Many of the prospects worry if they can’t make it for the entire camp; especially the first-timers, but the Bruins staff understand that education may keep a prospect from a day or two of camp. Sometimes even a lingering injury, or a recent recovery, may keep a prospect off the ice, but that doesn’t mean he can’t benefit from the other aspects of camp For Ryan Lindgren, whom the Bruins drafted in June, in the second round (49th overall), a class he had to attend prevented his arrival until late the first day of camp. And Mark Naclerio has a lower back injury that kept him off the ice on day two.

Prospects aren’t expected to be perfect at camp or to already know everything. On the ice, during the drills, the staff would rather see the players go at half speed and nail the skill, whether it be working on edges, puck control or a combination of things.

Kevin Dean

Kevin Dean

“Honestly, if they come here and they learn one thing to help them forward, that’s important. We’re throwing a lot at them: nutrition, workouts, stretching, not to mention the on-ice stuff.,” Providence Bruins coach, and development camp staffer, Kevin Dean said. “So if they take one thing from each area that’s going to help their game and for most of these kids it’s going to be a long process. It’s going to be more than just three months and the next season before they get called up, so that process is slow and steady and, you know, if they make incremental progress everyday, they should be in good shape.”

There is a reason most of the prospects will return to development camp each summer as they continue in college or Major Juniors—because it is about progression. The Bruins want to see a returning prospect improve in areas of their game or off-ice fitness. Last year, Jakub Zboril arrived at his first development camp a bit out of shape. He shared surprise at the level that was expected when talking to the media during camp. This year?

“Well [Zboril’s] in better shape for sure, in terms of his body fat and his body composition. You know he skates well. Just in practice, I’d like to see him a little more focused at times and dialed in but he’s awfully talented, he skates incredibly well. You can see when the game starts, even the little small ice games, he seems to make plays and be effective,” Dean offered. “For him, you know everyone has a little different part of their development, and for him it’s going to be probably as much as just being a good pro; learning to come to the rink and have that mind set ‘I’m going to get a little bit better today,’ and then his progress starts and I think with his talent level he’ll be pretty good.”

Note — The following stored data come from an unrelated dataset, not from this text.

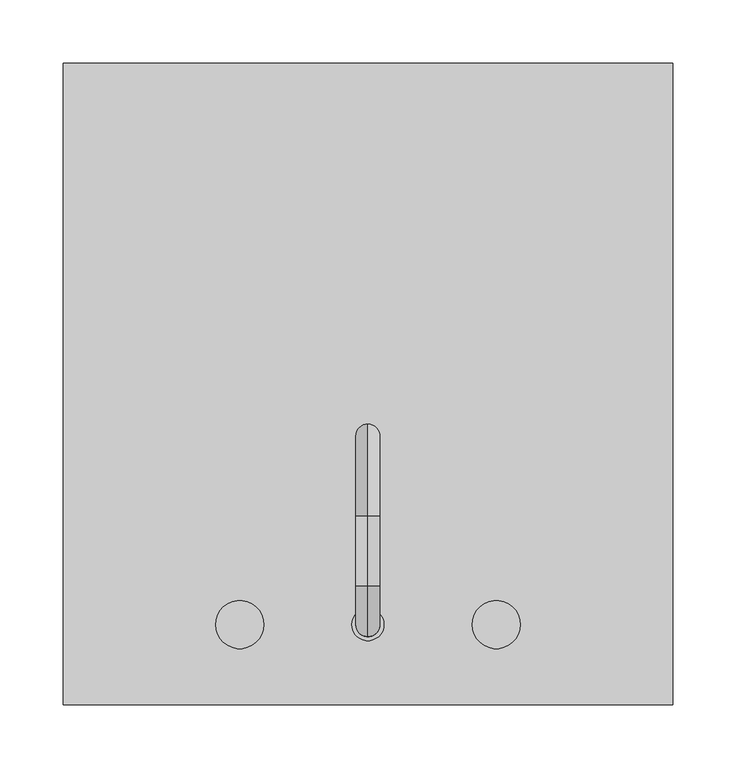
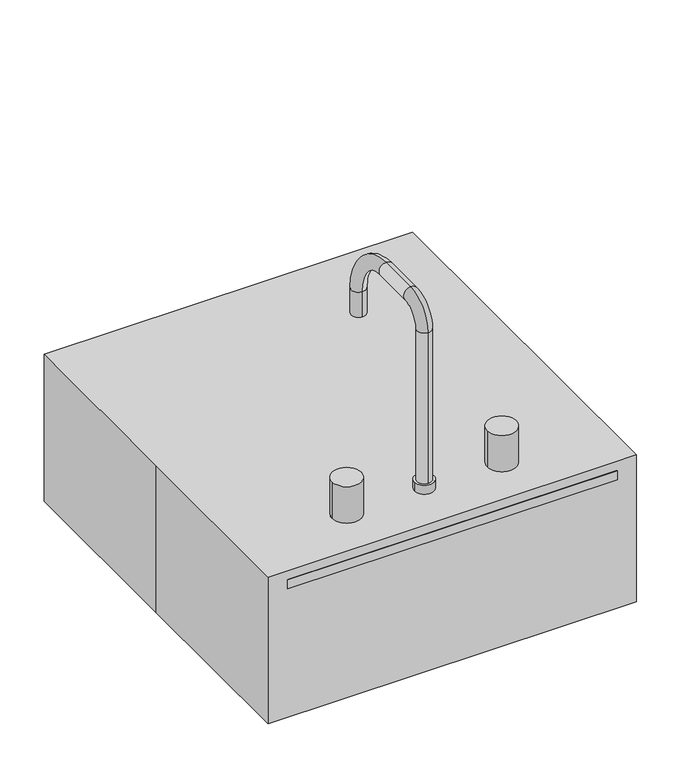
"""IFC4 building model written with IfcOpenShell, lengths in millimetres: proxy geometry, CS040 - Sink, SS, Single Compartment, 7.5x14x14 ID : CS040 - Sink, SS, Single Compartment, 7.5x14x14 ID."""

from ifc_helpers import new_model, si_unit, point, frame, frame_2d, origin, origin_with_axes, place, context, project, spatial, polyline, circle_curve, ellipse_curve, trimmed, segment, composite_curve, outline, extrude, source, transform, mapped, element, save
from ifc_brep_helpers import plane_surface, cylinder_surface, revolved_surface, advanced_brep


def specialty_equipment_c9b423af(model_context):
    return source(origin(), model_context, "Body", "SolidModel", [
        advanced_brep(
        [(-215.9, 215.9, 190.5), (-215.9, -254.0, 190.5), (215.9, -254.0, 190.5), (215.9, 215.9, 190.5), (133.35, -139.7, 190.5), (-133.35, -139.7, 190.5), (-177.8, -95.25, 190.5), (-177.8, 133.35, 190.5), (-133.35, 177.8, 190.5), (133.35, 177.8, 190.5), (177.8, 133.35, 190.5), (177.8, -95.25, 190.5), (-120.65, -190.5, 190.5), (-82.55, -190.5, 190.5), (-19.05, -190.5, 190.5), (19.05, -190.5, 190.5), (82.55, -190.5, 190.5), (120.65, -190.5, 190.5), (-215.9, 215.9, 177.8), (215.9, 215.9, 177.8), (215.9, -254.0, 177.8), (-215.9, -254.0, 177.8), (-120.65, -190.5, 177.8), (-82.55, -190.5, 177.8), (-19.05, -190.5, 177.8), (19.05, -190.5, 177.8), (82.55, -190.5, 177.8), (120.65, -190.5, 177.8), (184.15, -95.25, 177.8), (184.15, 133.35, 177.8), (133.35, 184.15, 177.8), (-133.35, 184.15, 177.8), (-184.15, 133.35, 177.8), (-184.15, -95.25, 177.8), (-133.35, -146.05, 177.8), (133.35, -146.05, 177.8), (177.8, -95.25, 177.8), (133.35, -139.7, 177.8), (177.8, 133.35, 177.8), (177.8, 133.35, 6.35), (177.8, -95.25, 6.35), (133.35, 177.8, 177.8), (-133.35, 177.8, 177.8), (-133.35, 177.8, 6.35), (133.35, 177.8, 6.35), (-177.8, 133.35, 177.8), (-177.8, -95.25, 177.8), (-177.8, -95.25, 6.35), (-177.8, 133.35, 6.35), (-133.35, -139.7, 177.8), (133.35, -139.7, 6.35), (-133.35, -139.7, 6.35), (184.15, -95.25, 0.0), (133.35, -146.05, 0.0), (184.15, 133.35, 0.0), (133.35, 184.15, 0.0), (-133.35, 184.15, 0.0), (-184.15, 133.35, 0.0), (-184.15, -95.25, 0.0), (-133.35, -146.05, 0.0), (-19.05, 19.05, 0.0), (19.05, 19.05, 0.0), (-19.05, 19.05, 6.35), (19.05, 19.05, 6.35)],
        [
            (0, 1),
            (1, 2),
            (2, 3),
            (3, 0),
            (4, 5),
            (5, 6, circle_curve(frame((-133.35, -95.25, 190.5), z_axis=(0.0, 0.0, -1.0), x_axis=(1.0, 0.0, 0.0)), 44.45)),
            (6, 7),
            (7, 8, circle_curve(frame((-133.35, 133.35, 190.5), z_axis=(0.0, 0.0, -1.0), x_axis=(1.0, 0.0, 0.0)), 44.45)),
            (8, 9),
            (9, 10, circle_curve(frame((133.35, 133.35, 190.5), z_axis=(0.0, 0.0, -1.0), x_axis=(1.0, 0.0, 0.0)), 44.45)),
            (10, 11),
            (11, 4, circle_curve(frame((133.35, -95.25, 190.5), z_axis=(0.0, 0.0, -1.0), x_axis=(1.0, 0.0, 0.0)), 44.45)),
            (12, 13, circle_curve(frame((-101.6, -190.5, 190.5), z_axis=(0.0, 0.0, -1.0), x_axis=(1.0, 0.0, 0.0)), 19.05)),
            (13, 12, circle_curve(frame((-101.6, -190.5, 190.5), z_axis=(0.0, 0.0, -1.0), x_axis=(1.0, 0.0, 0.0)), 19.05)),
            (14, 15, circle_curve(frame((0.0, -190.5, 190.5), z_axis=(0.0, 0.0, -1.0), x_axis=(1.0, 0.0, 0.0)), 19.05)),
            (15, 14, circle_curve(frame((0.0, -190.5, 190.5), z_axis=(0.0, 0.0, -1.0), x_axis=(1.0, 0.0, 0.0)), 19.05)),
            (16, 17, circle_curve(frame((101.6, -190.5, 190.5), z_axis=(0.0, 0.0, -1.0), x_axis=(1.0, 0.0, 0.0)), 19.05)),
            (17, 16, circle_curve(frame((101.6, -190.5, 190.5), z_axis=(0.0, 0.0, -1.0), x_axis=(1.0, 0.0, 0.0)), 19.05)),
            (18, 19),
            (19, 20),
            (20, 21),
            (21, 18),
            (22, 23, circle_curve(frame((-101.6, -190.5, 177.8), z_axis=(0.0, 0.0, 1.0), x_axis=(1.0, 0.0, 0.0)), 19.05)),
            (23, 22, circle_curve(frame((-101.6, -190.5, 177.8), z_axis=(0.0, 0.0, 1.0), x_axis=(1.0, 0.0, 0.0)), 19.05)),
            (24, 25, circle_curve(frame((0.0, -190.5, 177.8), z_axis=(0.0, 0.0, 1.0), x_axis=(1.0, 0.0, 0.0)), 19.05)),
            (25, 24, circle_curve(frame((0.0, -190.5, 177.8), z_axis=(0.0, 0.0, 1.0), x_axis=(1.0, 0.0, 0.0)), 19.05)),
            (26, 27, circle_curve(frame((101.6, -190.5, 177.8), z_axis=(0.0, 0.0, 1.0), x_axis=(1.0, 0.0, 0.0)), 19.05)),
            (27, 26, circle_curve(frame((101.6, -190.5, 177.8), z_axis=(0.0, 0.0, 1.0), x_axis=(1.0, 0.0, 0.0)), 19.05)),
            (28, 29),
            (29, 30, circle_curve(frame((133.35, 133.35, 177.8), z_axis=(0.0, 0.0, 1.0), x_axis=(1.0, 0.0, 0.0)), 50.8)),
            (30, 31),
            (31, 32, circle_curve(frame((-133.35, 133.35, 177.8), z_axis=(0.0, 0.0, 1.0), x_axis=(0.0, 1.0, 0.0)), 50.8)),
            (32, 33),
            (33, 34, circle_curve(frame((-133.35, -95.25, 177.8), z_axis=(0.0, 0.0, 1.0), x_axis=(-1.0, 0.0, 0.0)), 50.8)),
            (34, 35),
            (35, 28, circle_curve(frame((133.35, -95.25, 177.8), z_axis=(0.0, 0.0, 1.0), x_axis=(0.0, -1.0, 0.0)), 50.8)),
            (3, 19),
            (18, 0),
            (2, 20),
            (1, 21),
            (11, 36),
            (36, 37, circle_curve(frame((133.35, -95.25, 177.8), z_axis=(0.0, 0.0, -1.0), x_axis=(1.0, 0.0, 0.0)), 44.45)),
            (37, 4),
            (10, 38),
            (38, 39),
            (39, 40),
            (40, 36),
            (9, 41),
            (41, 38, circle_curve(frame((133.35, 133.35, 177.8), z_axis=(0.0, 0.0, -1.0), x_axis=(1.0, 0.0, 0.0)), 44.45)),
            (8, 42),
            (42, 43),
            (43, 44),
            (44, 41),
            (7, 45),
            (45, 42, circle_curve(frame((-133.35, 133.35, 177.8), z_axis=(0.0, 0.0, -1.0), x_axis=(1.0, 0.0, 0.0)), 44.45)),
            (6, 46),
            (46, 47),
            (47, 48),
            (48, 45),
            (5, 49),
            (49, 46, circle_curve(frame((-133.35, -95.25, 177.8), z_axis=(0.0, 0.0, -1.0), x_axis=(1.0, 0.0, 0.0)), 44.45)),
            (37, 50),
            (50, 51),
            (51, 49),
            (13, 23),
            (22, 12),
            (15, 25),
            (24, 14),
            (17, 27),
            (26, 16),
            (52, 28),
            (35, 53),
            (53, 52, circle_curve(frame((133.35, -95.25, 0.0), z_axis=(0.0, 0.0, 1.0), x_axis=(0.0, -1.0, 0.0)), 50.8)),
            (40, 50, circle_curve(frame((133.35, -95.25, 6.35), z_axis=(0.0, 0.0, -1.0), x_axis=(0.0, -1.0, 0.0)), 44.45)),
            (52, 54),
            (54, 29),
            (54, 55, circle_curve(frame((133.35, 133.35, 0.0), z_axis=(0.0, 0.0, 1.0), x_axis=(1.0, 0.0, 0.0)), 50.8)),
            (55, 30),
            (44, 39, circle_curve(frame((133.35, 133.35, 6.35), z_axis=(0.0, 0.0, -1.0), x_axis=(1.0, 0.0, 0.0)), 44.45)),
            (55, 56),
            (56, 31),
            (56, 57, circle_curve(frame((-133.35, 133.35, 0.0), z_axis=(0.0, 0.0, 1.0), x_axis=(0.0, 1.0, 0.0)), 50.8)),
            (57, 32),
            (48, 43, circle_curve(frame((-133.35, 133.35, 6.35), z_axis=(0.0, 0.0, -1.0), x_axis=(0.0, 1.0, 0.0)), 44.45)),
            (57, 58),
            (58, 33),
            (58, 59, circle_curve(frame((-133.35, -95.25, 0.0), z_axis=(0.0, 0.0, 1.0), x_axis=(-1.0, 0.0, 0.0)), 50.8)),
            (59, 34),
            (51, 47, circle_curve(frame((-133.35, -95.25, 6.35), z_axis=(0.0, 0.0, -1.0), x_axis=(-1.0, 0.0, 0.0)), 44.45)),
            (59, 53),
            (60, 61, circle_curve(frame((0.0, 19.05, 0.0), z_axis=(0.0, 0.0, 1.0), x_axis=(1.0, 0.0, 0.0)), 19.05)),
            (61, 60, circle_curve(frame((0.0, 19.05, 0.0), z_axis=(0.0, 0.0, 1.0), x_axis=(1.0, 0.0, 0.0)), 19.05)),
            (62, 63, circle_curve(frame((0.0, 19.05, 6.35), z_axis=(0.0, 0.0, -1.0), x_axis=(1.0, 0.0, 0.0)), 19.05)),
            (63, 62, circle_curve(frame((0.0, 19.05, 6.35), z_axis=(0.0, 0.0, -1.0), x_axis=(1.0, 0.0, 0.0)), 19.05)),
            (63, 61),
            (60, 62),
        ],
        [
            plane_surface(frame((215.9, 215.9, 190.5), z_axis=(0.0, 0.0, 1.0), x_axis=(1.0, 0.0, 0.0))),
            plane_surface(frame((215.9, 215.9, 177.8), z_axis=(0.0, 0.0, -1.0), x_axis=(-1.0, 0.0, 0.0))),
            plane_surface(frame((-215.9, 215.9, 190.5), z_axis=(0.0, 1.0, 0.0), x_axis=(0.0, 0.0, -1.0))),
            plane_surface(frame((215.9, 215.9, 190.5), z_axis=(1.0, 0.0, 0.0), x_axis=(0.0, 0.0, -1.0))),
            plane_surface(frame((215.9, -254.0, 190.5), z_axis=(0.0, -1.0, 0.0), x_axis=(0.0, 0.0, -1.0))),
            plane_surface(frame((-215.9, -254.0, 190.5), z_axis=(-1.0, 0.0, 0.0), x_axis=(0.0, 0.0, -1.0))),
            revolved_surface(polyline([(177.8, -95.25, 177.8), (177.8, -95.25, 190.5)]), (133.35, -95.25, 177.8), (0.0, 0.0, -1.0)),
            plane_surface(frame((177.8, -95.25, 190.5), z_axis=(-1.0, 0.0, 0.0), x_axis=(0.0, 0.0, -1.0))),
            revolved_surface(polyline([(177.8, 133.35, 177.8), (177.8, 133.35, 190.5)]), (133.35, 133.35, 177.8), (0.0, 0.0, -1.0)),
            plane_surface(frame((133.35, 177.8, 190.5), z_axis=(0.0, -1.0, 0.0), x_axis=(0.0, 0.0, -1.0))),
            revolved_surface(polyline([(-88.89999999999999, 133.35, 177.8), (-88.89999999999999, 133.35, 190.5)]), (-133.35, 133.35, 177.8), (0.0, 0.0, -1.0)),
            plane_surface(frame((-177.8, 133.35, 190.5), z_axis=(1.0, 0.0, 0.0), x_axis=(0.0, 0.0, -1.0))),
            revolved_surface(polyline([(-88.89999999999999, -95.25, 177.8), (-88.89999999999999, -95.25, 190.5)]), (-133.35, -95.25, 177.8), (0.0, 0.0, -1.0)),
            plane_surface(frame((-133.35, -139.7, 190.5), z_axis=(0.0, 1.0, 0.0), x_axis=(0.0, 0.0, -1.0))),
            revolved_surface(polyline([(-82.55, -190.5, 177.8), (-82.55, -190.5, 190.5)]), (-101.6, -190.5, 177.8), (0.0, 0.0, -1.0)),
            revolved_surface(polyline([(19.05, -190.5, 177.8), (19.05, -190.5, 190.5)]), (0.0, -190.5, 177.8), (0.0, 0.0, -1.0)),
            revolved_surface(polyline([(120.64999999999999, -190.5, 177.8), (120.64999999999999, -190.5, 190.5)]), (101.6, -190.5, 177.8), (0.0, 0.0, -1.0)),
            cylinder_surface(frame((133.35, -95.25, 190.5), z_axis=(0.0, 0.0, -1.0), x_axis=(0.0, -1.0, 0.0)), 50.8),
            revolved_surface(polyline([(133.35, -139.7, 6.349999999999994), (133.35, -139.7, 177.8)]), (133.35, -95.25, 190.5), (0.0, 0.0, -1.0)),
            plane_surface(frame((184.15, -95.25, 177.8), z_axis=(1.0, 0.0, 0.0), x_axis=(0.0, 1.0, 0.0))),
            cylinder_surface(frame((133.35, 133.35, 190.5), z_axis=(0.0, 0.0, -1.0), x_axis=(1.0, 0.0, 0.0)), 50.8),
            revolved_surface(polyline([(177.8, 133.35, 6.349999999999994), (177.8, 133.35, 177.8)]), (133.35, 133.35, 190.5), (0.0, 0.0, -1.0)),
            plane_surface(frame((133.35, 184.15, 177.8), z_axis=(0.0, 1.0, 0.0), x_axis=(-1.0, 0.0, 0.0))),
            cylinder_surface(frame((-133.35, 133.35, 190.5), z_axis=(0.0, 0.0, -1.0), x_axis=(0.0, 1.0, 0.0)), 50.8),
            revolved_surface(polyline([(-133.35, 177.8, 6.349999999999994), (-133.35, 177.8, 177.8)]), (-133.35, 133.35, 190.5), (0.0, 0.0, -1.0)),
            plane_surface(frame((-184.15, 133.35, 177.8), z_axis=(-1.0, 0.0, 0.0), x_axis=(0.0, -1.0, 0.0))),
            cylinder_surface(frame((-133.35, -95.25, 190.5), z_axis=(0.0, 0.0, -1.0), x_axis=(-1.0, 0.0, 0.0)), 50.8),
            revolved_surface(polyline([(-177.8, -95.25, 6.349999999999994), (-177.8, -95.25, 177.8)]), (-133.35, -95.25, 190.5), (0.0, 0.0, -1.0)),
            plane_surface(frame((-133.35, -146.05, 177.8), z_axis=(0.0, -1.0, 0.0), x_axis=(1.0, 0.0, 0.0))),
            plane_surface(frame((-133.35, -146.05, 0.0), z_axis=(0.0, 0.0, -1.0), x_axis=(1.0, 0.0, 0.0))),
            plane_surface(frame((-88.9, -95.25, 6.35), z_axis=(0.0, 0.0, 1.0), x_axis=(0.0, -1.0, 0.0))),
            revolved_surface(polyline([(19.05, 19.05, 0.0), (19.05, 19.05, 6.35)]), (0.0, 19.05, 0.0), (0.0, 0.0, -1.0)),
        ],
        [
            (0, [[1, 2, 3, 4], [5, 6, 7, 8, 9, 10, 11, 12], [13, 14], [15, 16], [17, 18]]),
            (1, [[19, 20, 21, 22], [23, 24], [25, 26], [27, 28], [29, 30, 31, 32, 33, 34, 35, 36]]),
            (2, [[37, -19, 38, -4]]),
            (3, [[39, -20, -37, -3]]),
            (4, [[40, -21, -39, -2]]),
            (5, [[-38, -22, -40, -1]]),
            (6, [[41, 42, 43, -12]]),
            (7, [[44, 45, 46, 47, -41, -11]]),
            (8, [[48, 49, -44, -10]]),
            (9, [[50, 51, 52, 53, -48, -9]]),
            (10, [[54, 55, -50, -8]]),
            (11, [[56, 57, 58, 59, -54, -7]]),
            (12, [[60, 61, -56, -6]]),
            (13, [[-43, 62, 63, 64, -60, -5]]),
            (14, [[65, -23, 66, -14]]),
            (14, [[-66, -24, -65, -13]]),
            (15, [[67, -25, 68, -16]]),
            (15, [[-68, -26, -67, -15]]),
            (16, [[69, -27, 70, -18]]),
            (16, [[-70, -28, -69, -17]]),
            (17, [[71, -36, 72, 73]]),
            (18, [[-47, 74, -62, -42]]),
            (19, [[75, 76, -29, -71]]),
            (20, [[77, 78, -30, -76]]),
            (21, [[-53, 79, -45, -49]]),
            (22, [[80, 81, -31, -78]]),
            (23, [[82, 83, -32, -81]]),
            (24, [[-59, 84, -51, -55]]),
            (25, [[85, 86, -33, -83]]),
            (26, [[87, 88, -34, -86]]),
            (27, [[-64, 89, -57, -61]]),
            (28, [[-35, -88, 90, -72]]),
            (29, [[-90, -87, -85, -82, -80, -77, -75, -73], [91, 92]]),
            (30, [[-79, -52, -84, -58, -89, -63, -74, -46], [93, 94]]),
            (31, [[95, -91, 96, -94]]),
            (31, [[-96, -92, -95, -93]]),
        ],
    ),
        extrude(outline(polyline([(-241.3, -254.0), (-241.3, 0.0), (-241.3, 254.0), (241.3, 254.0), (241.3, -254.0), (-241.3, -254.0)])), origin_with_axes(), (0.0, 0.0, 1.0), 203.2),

The Bruins will let the prospects know what parts of their game they need to work on, and what they expect the players to do between the end of this camp and the beginning of training camp. Most of the players will be honest and say that the criticism is important to their improvement.

For those who are at their third or fourth camp, or more, it’s also about leadership—understanding how the new guys feel and not only welcoming them but being vocal on the ice and encouraging off. Most of the returnees remember that feeling of their first camp.

Matt Grzelcyk

Matt Grzelcyk

“I just try to calm the nerves as much as possible. I remember my firsts few years, just being really nervous to step in the locker room,” said Matt Grzelcyk who is likely at his last development camp. “You’re not really familiar with all the staff and stuff so, just go up and try to introduce yourself to as many people as you can. I mean, they’re all great kids, that’s why they got picked by the Bruins in the first place, so it’s been a fun experience to go through.”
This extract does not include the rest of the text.